DESCRIPTION (provided by applicant): It has been shown that hypoxia could be detrimental for skeletal muscle mitochondria function. For instance, high altitude mountaineers present a reduction in subsarcolemmal rnitochondrial content; however, the exact mechanism that underlies this phenomenon has not been described. The same pattern of nitochondrial reduction has also been in muscle biopsies of patients with diabetes mellitus type 2 and a recent gene expression study in diabetic patients concluded that hypoxia may be a possible trigger for the development of metabolic syndrome. Mitochondrial abnormalities are also observed in patients with chronic obstructive pulmonary disease (COPD), a condition where hypoxia is prominent feature. Thus, the study of mitochondria! changes under hypoxic conditions is not only relevant to high altitude adaptation but to diseases states where hypoxia may play a pathogenic role. The overall objective of the study is to define the mechanisms that underlie the reduction of mitochondria) oxidative capacity in skeletal muscles under hypoxic conditions. We will use sedentary mice exposed to steady level of normobaric hypoxia to avoid confounding factors such as the hypoxia level and the physical activity. We will test the hypothesis that hypoxia will reduce the expression and protein levels of mitochondrial biogenic factors, particularly PGC-1a. In specific aim 1 we will evaluate the gene expression and protein level of the mitochondria! biogenic factor under hypoxic conditions, using the standard molecular biology techniques. Specific Aim 2 will evaluate the changes of mitochondrial oxidative capacity under hypoxic conditions. Mitochondrial respiration and enzymes activities will be measured for this purpose. In Specific Aim 3 we will test that the pharmacological activation of PGC-1a with resveratrol will reverse the hypoxic-induced mitochondrial changes in skeletal muscle. The comprehension of the mitochondria) changes that occur during hypoxia will help us to elucidate its potential role on the pathogenesis of diseases, such as diabetes mellitus type 2 and COPD, in order to develop new therapeutic strategies.
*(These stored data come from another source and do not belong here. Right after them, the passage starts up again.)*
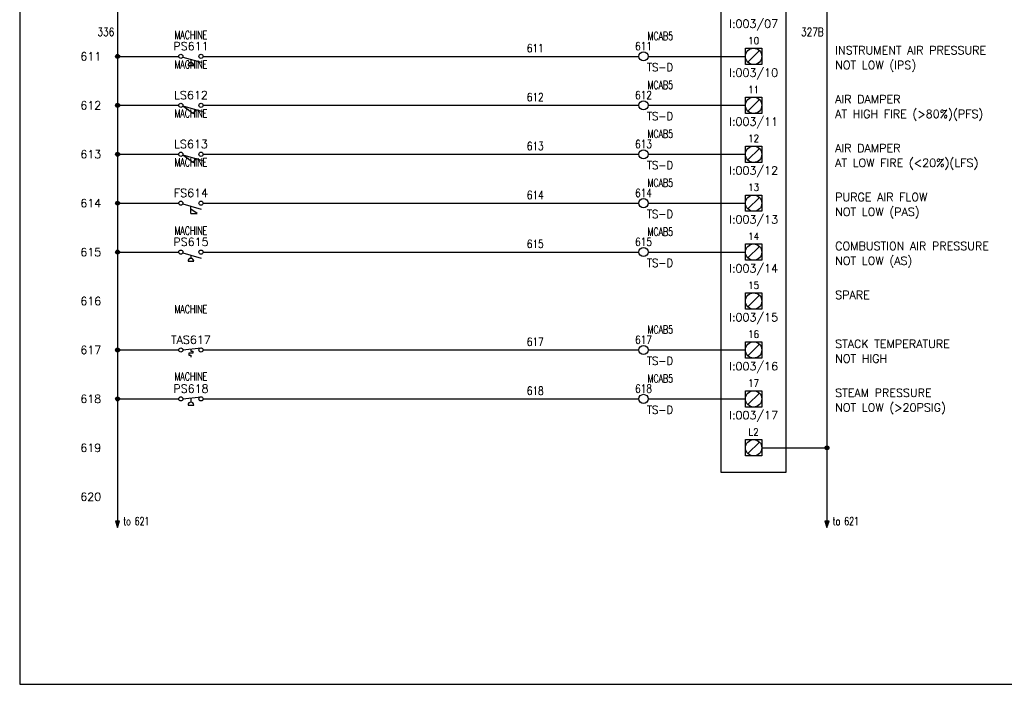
# Model space of a CAD drawing. Extents: x 0 to 30, y 0 to 19.
# Tile 1 of 4: x 0 to 15.1, y 0 to 10.2. Entities that reach past the tile are written whole.
import ezdxf
from ezdxf.enums import TextEntityAlignment as Align

# ---------------------------------------------------------------- set-up
doc = ezdxf.new("R2010")
doc.units = 0
doc.header["$MEASUREMENT"] = 0
for name, color, linetype in [('BLK_18AWG', 251, 'Continuous'), ('DESC', 1, 'Continuous'), ('LOC', 140, 'Continuous'), ('MISC', 30, 'Continuous'), ('RED_18AWG', 1, 'Continuous'), ('SYMS', 7, 'Continuous'), ('TAGS', 30, 'Continuous'), ('TERMS', 6, 'Continuous'), ('WHT_16AWG', 7, 'Continuous'), ('WIRENO', 3, 'Continuous'), ('WIREREF', 52, 'Continuous'), ('XREF', 7, 'Continuous')]:
    doc.layers.add(name, color=color, linetype=linetype)
doc.layers.add('Viewports', color=3, linetype='Continuous', plot=False)
doc.styles.add('LEGACY', font='romans.shx')
doc.styles.add('WD', font='romans.shx')

# ---------------------------------------------------------------- blocks, each defined once
blk = doc.blocks.new('PLCIO_7923')
at = {"layer": 'SYMS'}
for p, q in [((-0.5, 0.5), (-0.5, -13.125)), ((0.5, -13.125), (0.5, 0.5)), ((-0.125, -6.625), (0.125, -6.625)), ((-0.125, -6.875), (-0.125, -6.625)), ((-0.125, -6.625), (0.125, -6.625)), ((-0.125, -6.875), (-0.125, -6.625)), ((0.125, -6.625), (0.125, -6.875)), ((0.125, -6.625), (0.125, -6.875)), ((0.088, -6.662), (-0.088, -6.838)), ((0.125, -6.875), (-0.125, -6.875)), ((0.125, -6.875), (-0.125, -6.875)), ((-0.125, -7.375), (0.125, -7.375)), ((-0.125, -7.625), (-0.125, -7.375)), ((-0.125, -7.375), (0.125, -7.375)), ((-0.125, -7.625), (-0.125, -7.375)), ((0.125, -7.375), (0.125, -7.625)), ((0.125, -7.375), (0.125, -7.625)), ((0.088, -7.412), (-0.088, -7.588)), ((0.125, -7.625), (-0.125, -7.625)), ((0.125, -7.625), (-0.125, -7.625)), ((-0.125, -8.125), (0.125, -8.125)), ((-0.125, -8.375), (-0.125, -8.125)), ((-0.125, -8.125), (0.125, -8.125)), ((-0.125, -8.375), (-0.125, -8.125)), ((0.125, -8.125), (0.125, -8.375)), ((0.125, -8.125), (0.125, -8.375)), ((0.088, -8.162), (-0.088, -8.338)), ((0.125, -8.375), (-0.125, -8.375)), ((0.125, -8.375), (-0.125, -8.375)), ((-0.125, -8.875), (0.125, -8.875)), ((-0.125, -9.125), (-0.125, -8.875)), ((-0.125, -8.875), (0.125, -8.875)), ((-0.125, -9.125), (-0.125, -8.875)), ((0.125, -8.875), (0.125, -9.125)), ((0.125, -8.875), (0.125, -9.125)), ((0.088, -8.912), (-0.088, -9.088)), ((0.125, -9.125), (-0.125, -9.125)), ((0.125, -9.125), (-0.125, -9.125)), ((-0.125, -9.625), (0.125, -9.625)), ((-0.125, -9.875), (-0.125, -9.625)), ((-0.125, -9.625), (0.125, -9.625)), ((-0.125, -9.875), (-0.125, -9.625)), ((0.125, -9.625), (0.125, -9.875)), ((0.125, -9.625), (0.125, -9.875)), ((0.088, -9.662), (-0.088, -9.838)), ((0.125, -9.875), (-0.125, -9.875)), ((0.125, -9.875), (-0.125, -9.875)), ((-0.125, -10.375), (0.125, -10.375)), ((-0.125, -10.625), (-0.125, -10.375)), ((-0.125, -10.375), (0.125, -10.375)), ((-0.125, -10.625), (-0.125, -10.375)), ((0.088, -10.412), (-0.088, -10.588)), ((0.125, -10.375), (0.125, -10.625)), ((0.125, -10.375), (0.125, -10.625)), ((0.125, -10.625), (-0.125, -10.625)), ((0.125, -10.625), (-0.125, -10.625)), ((-0.125, -11.125), (0.125, -11.125)), ((-0.125, -11.375), (-0.125, -11.125)), ((-0.125, -11.125), (0.125, -11.125)), ((-0.125, -11.375), (-0.125, -11.125)), ((0.088, -11.162), (-0.088, -11.338)), ((0.125, -11.125), (0.125, -11.375)), ((0.125, -11.125), (0.125, -11.375)), ((0.125, -11.375), (-0.125, -11.375)), ((0.125, -11.375), (-0.125, -11.375)), ((-0.125, -11.875), (0.125, -11.875)), ((-0.125, -12.125), (-0.125, -11.875)), ((-0.125, -11.875), (0.125, -11.875)), ((-0.125, -12.125), (-0.125, -11.875)), ((0.088, -11.912), (-0.088, -12.088)), ((0.125, -11.875), (0.125, -12.125)), ((0.125, -11.875), (0.125, -12.125)), ((0.125, -12.125), (-0.125, -12.125)), ((0.125, -12.125), (-0.125, -12.125)), ((-0.125, -12.625), (0.125, -12.625)), ((-0.125, -12.875), (-0.125, -12.625)), ((0.088, -12.662), (-0.088, -12.838)), ((0.125, -12.625), (0.125, -12.875)), ((0.125, -12.875), (-0.125, -12.875)), ((-0.5, -13.125), (0.5, -13.125))]:
    blk.add_line(p, q, dxfattribs=at)
for centre in [(0, -6.75), (0, -7.5), (0, -8.25), (0, -9), (0, -9.75), (0, -10.5), (0, -11.25), (0, -12), (0, -12.75)]:
    blk.add_circle(centre, 0.125, dxfattribs=at)
at = {"layer": 'SYMS', "style": 'LEGACY'}
for tag, height, width, p in [('LOC', 0.0781, 0.8, (0, 1.17)), ('MFG', 0.0781, 0.8, (0, 1.062)), ('CAT', 0.0781, 0.9, (0, 0.953)), ('DESC', 0.0781, 0.8, (0, 0.53)), ('TERM01', 0.109, 0.9, (0, 0.188)), ('TERM02', 0.109, 0.9, (0, -0.562)), ('TERM03', 0.109, 0.9, (0, -1.312)), ('TERM04', 0.109, 0.9, (0, -2.062)), ('TERM05', 0.109, 0.9, (0, -2.812)), ('TERM06', 0.109, 0.9, (0, -3.562)), ('TERM07', 0.109, 0.9, (0, -4.312)), ('TERM08', 0.109, 0.9, (0, -5.062)), ('TERM09', 0.109, 0.9, (0, -5.812)), ('TERM10', 0.109, 0.9, (0, -6.562)), ('TERM11', 0.109, 0.9, (0, -7.312)), ('TERM12', 0.109, 0.9, (0, -8.062)), ('TERM13', 0.109, 0.9, (0, -8.812)), ('TERM14', 0.109, 0.9, (0, -9.562)), ('TERM15', 0.109, 0.9, (0, -10.312)), ('TERM16', 0.109, 0.9, (0, -11.062)), ('TERM17', 0.109, 0.9, (0, -11.812)), ('TERM18', 0.109, 0.9, (0, -12.562))]:
    blk.add_attdef(tag, text='', height=height, dxfattribs=dict(at, width=width)).set_placement(p, align=Align.CENTER)
at = {"layer": 'SYMS', "linetype": 'Continuous', "style": 'LEGACY', "flags": 9}
blk.add_attdef('ASSYCODE', text='', height=0.01, dxfattribs=at).set_placement((0.23, 1.071), align=Align.CENTER)
at = {"layer": 'SYMS', "style": 'LEGACY'}
for tag, p in [('LINE1', (0, 0.812)), ('LINE2', (0, 0.656)), ('TAG', (0, 0.353))]:
    blk.add_attdef(tag, text='', height=0.109, dxfattribs=at).set_placement(p, align=Align.CENTER)
at = {"layer": 'SYMS', "style": 'LEGACY', "flags": 1}
for tag, p in [('X4TERM01', (-0.125, 0)), ('X4TERM02', (-0.125, -0.75)), ('X4TERM03', (-0.125, -1.5)), ('X4TERM04', (-0.125, -2.25)), ('X4TERM05', (-0.125, -3)), ('X4TERM06', (-0.125, -3.75)), ('X4TERM07', (-0.125, -4.5)), ('X4TERM08', (-0.125, -5.25)), ('X4TERM09', (-0.125, -6)), ('X4TERM10', (-0.125, -6.75)), ('X4TERM11', (-0.125, -7.5)), ('X4TERM12', (-0.125, -8.25)), ('X4TERM13', (-0.125, -9)), ('X4TERM14', (-0.125, -9.75)), ('X4TERM15', (-0.125, -10.5)), ('X4TERM16', (-0.125, -11.25)), ('X4TERM17', (-0.125, -12)), ('X1TERM18', (0.125, -12.75))]:
    blk.add_attdef(tag, p, '', height=0.01, dxfattribs=at)
at = {"layer": 'SYMS', "style": 'LEGACY', "width": 0.9}
for tag, p in [('TERMDESC01', (-0.172, -0.062)), ('TERMDESC02', (-0.188, -0.812)), ('TERMDESC03', (-0.188, -1.562)), ('TERMDESC04', (-0.188, -2.312)), ('TERMDESC05', (-0.188, -3.062)), ('TERMDESC06', (-0.188, -3.812)), ('TERMDESC07', (-0.188, -4.562)), ('TERMDESC08', (-0.188, -5.312)), ('TERMDESC09', (-0.188, -6.062)), ('TERMDESC10', (-0.188, -6.812)), ('TERMDESC11', (-0.188, -7.562)), ('TERMDESC12', (-0.188, -8.312)), ('TERMDESC13', (-0.188, -9.062)), ('TERMDESC14', (-0.188, -9.812)), ('TERMDESC15', (-0.188, -10.562)), ('TERMDESC16', (-0.188, -11.312)), ('TERMDESC17', (-0.188, -12.062))]:
    blk.add_attdef(tag, text='', height=0.0781, dxfattribs=at).set_placement(p, align=Align.TOP_RIGHT)
for tag, height, p in [('TERM', 0.0938, (-0.234, -0.188)), ('TERMDESC18', 0.0781, (0.188, -12.812))]:
    blk.add_attdef(tag, text='', height=height, dxfattribs=at).set_placement(p, align=Align.TOP_LEFT)
for tag, p in [('DESCA02', (1.25, -0.719)), ('DESCB02', (1.25, -0.859)), ('DESCC02', (1.25, -1)), ('DESCD02', (1.25, -1.141)), ('DESCE02', (1.25, -1.281)), ('DESCA03', (1.25, -1.469)), ('DESCB03', (1.25, -1.609)), ('DESCC03', (1.25, -1.75)), ('DESCD03', (1.25, -1.891)), ('DESCE03', (1.25, -2.031)), ('DESCA04', (1.25, -2.219)), ('DESCB04', (1.25, -2.359)), ('DESCC04', (1.25, -2.5)), ('DESCD04', (1.25, -2.641)), ('DESCE04', (1.25, -2.781)), ('DESCA05', (1.25, -2.969)), ('DESCB05', (1.25, -3.109)), ('DESCC05', (1.25, -3.25)), ('DESCD05', (1.25, -3.391)), ('DESCE05', (1.25, -3.531)), ('DESCA06', (1.25, -3.719)), ('DESCB06', (1.25, -3.859)), ('DESCC06', (1.25, -4)), ('DESCD06', (1.25, -4.141)), ('DESCE06', (1.25, -4.281)), ('DESCA07', (1.25, -4.469)), ('DESCB07', (1.25, -4.609)), ('DESCC07', (1.25, -4.75)), ('DESCD07', (1.25, -4.891)), ('DESCE07', (1.25, -5.031)), ('DESCA08', (1.25, -5.219)), ('DESCB08', (1.25, -5.359)), ('DESCC08', (1.25, -5.5)), ('DESCD08', (1.25, -5.641)), ('DESCE08', (1.25, -5.781)), ('DESCA09', (1.25, -5.969)), ('DESCB09', (1.25, -6.109)), ('DESCC09', (1.25, -6.25)), ('DESCD09', (1.25, -6.391)), ('DESCE09', (1.25, -6.531)), ('DESCA10', (1.25, -6.719)), ('DESCB10', (1.25, -6.859)), ('DESCC10', (1.25, -7)), ('DESCD10', (1.25, -7.141)), ('DESCE10', (1.25, -7.281)), ('DESCA11', (1.25, -7.469)), ('DESCB11', (1.25, -7.609)), ('DESCC11', (1.25, -7.75)), ('DESCD11', (1.25, -7.891)), ('DESCE11', (1.25, -8.031)), ('DESCA12', (1.25, -8.219)), ('DESCB12', (1.25, -8.359)), ('DESCC12', (1.25, -8.5)), ('DESCD12', (1.25, -8.641)), ('DESCE12', (1.25, -8.781)), ('DESCA13', (1.25, -8.969)), ('DESCB13', (1.25, -9.109)), ('DESCC13', (1.25, -9.25)), ('DESCD13', (1.25, -9.391)), ('DESCE13', (1.25, -9.531)), ('DESCA14', (1.25, -9.719)), ('DESCB14', (1.25, -9.859)), ('DESCC14', (1.25, -10)), ('DESCD14', (1.25, -10.141)), ('DESCE14', (1.25, -10.281)), ('DESCA15', (1.25, -10.469)), ('DESCB15', (1.25, -10.609)), ('DESCC15', (1.25, -10.75)), ('DESCD15', (1.25, -10.891)), ('DESCE15', (1.25, -11.031)), ('DESCA16', (1.25, -11.219)), ('DESCB16', (1.25, -11.359)), ('DESCC16', (1.25, -11.5)), ('DESCD16', (1.25, -11.641)), ('DESCE16', (1.25, -11.781)), ('DESCA17', (1.25, -11.969)), ('DESCB17', (1.25, -12.109)), ('DESCC17', (1.25, -12.25)), ('DESCD17', (1.25, -12.391)), ('DESCE17', (1.25, -12.531))]:
    blk.add_attdef(tag, p, '', height=0.109, dxfattribs=at)
at = {"layer": 'SYMS', "style": 'LEGACY'}
for tag, p in [('TAGA02', (0, -0.938)), ('TAGA03', (0, -1.688)), ('TAGA04', (0, -2.438)), ('TAGA05', (0, -3.188)), ('TAGA06', (0, -3.938)), ('TAGA07', (0, -4.688)), ('TAGA08', (0, -5.438)), ('TAGA09', (0, -6.188)), ('TAGA10', (0, -6.938)), ('TAGA11', (0, -7.688)), ('TAGA12', (0, -8.438)), ('TAGA13', (0, -9.188)), ('TAGA14', (0, -9.938)), ('TAGA15', (0, -10.688)), ('TAGA16', (0, -11.438)), ('TAGA17', (0, -12.188))]:
    blk.add_attdef(tag, text='', height=0.109, dxfattribs=at).set_placement(p, align=Align.TOP_CENTER)
blk = doc.blocks.new('HPS12')
at = {"linetype": 'Continuous'}
blk.add_line((-0.123, 0.002), (0.159, 0.033), dxfattribs=at)
for p, q in [((0, 0.015), (0, -0.049)), ((-0.044, -0.094), (0.044, -0.094))]:
    blk.add_line(p, q)
for centre in [(-0.155, 0), (0.155, 0)]:
    blk.add_circle(centre, 0.0322)
blk.add_arc((0, -0.094), 0.0442, 0, 180)
at = {"style": 'WD', "width": 0.7}
for tag, p in [('DESC1', (0, 0.781)), ('DESC2', (0, 0.625)), ('INST', (0, 0.451)), ('LOC', (0, 0.281)), ('XREF', (0, -0.314))]:
    blk.add_attdef(tag, text='', height=0.125, dxfattribs=at).set_placement(p, align=Align.CENTER)
at = {"style": 'WD'}
blk.add_attdef('TAG1', text='', height=0.125, dxfattribs=at).set_placement((0, 0.094), align=Align.CENTER)
for tag, p, height, flags in [('X4TERM01', (-0.188, 0), 0.0125, 1), ('CONTACT', (0.038, 0.02), 0.01, 1), ('FAMILY', (0.038, 0.037), 0.01, 9), ('X1TERM02', (0.188, 0), 0.0125, 1)]:
    blk.add_attdef(tag, p, '', height=height, dxfattribs=dict(at, flags=flags))
for tag, p in [('X2LINK', (0, 0.094)), ('X8LINK', (0, -0.125))]:
    blk.add_attdef(tag, p, '', height=0.01, dxfattribs=at)
at = {"linetype": 'Continuous', "style": 'WD', "flags": 9}
for tag, p in [('CAT', (0.063, -0.007)), ('ASSYCODE', (0.066, -0.049)), ('MFG', (0.063, -0.027))]:
    blk.add_attdef(tag, text='', height=0.01, dxfattribs=at).set_placement(p, align=Align.CENTER)
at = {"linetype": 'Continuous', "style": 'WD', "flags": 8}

描述（由申请人提供）：已表明缺氧可能对骨骼肌线粒体功能有害。例如，高海拔登山者的肌膜下线粒体含量减少；然而，这种现象背后的确切机制尚未被描述。 2 型糖尿病患者的肌肉活检也出现了同样的线粒体减少模式，最近一项针对糖尿病患者的基因表达研究得出结论，缺氧可能是代谢综合征发生的可能触发因素。在慢性阻塞性肺疾病（COPD）患者中也观察到线粒体异常，这是一种以缺氧为显着特征的疾病。因此，线粒体的研究！缺氧条件下的变化不仅与高海拔适应有关，而且与缺氧可能发挥致病作用的疾病状态有关。该研究的总体目标是确定缺氧条件下骨骼肌线粒体氧化能力降低的机制。我们将使用暴露于稳定水平的常压缺氧的久坐小鼠，以避免缺氧水平和体力活动等混杂因素。我们将检验缺氧会降低线粒体生物因子（尤其是 PGC-1a）的表达和蛋白质水平的假设。在具体目标 1 中，我们将评估线粒体的基因表达和蛋白质水平！使用标准分子生物学技术，在低氧条件下研究生物因素。具体目标2将评估缺氧条件下线粒体氧化能力的变化。为此目的将测量线粒体呼吸和酶活性。在具体目标 3 中，我们将测试白藜芦醇对 PGC-1a 的药理学激活是否会逆转骨骼肌中缺氧诱导的线粒体变化。了解缺氧期间发生的线粒体变化将有助于我们阐明其在 2 型糖尿病和慢性阻塞性肺病等疾病发病机制中的潜在作用，从而开发新的治疗策略。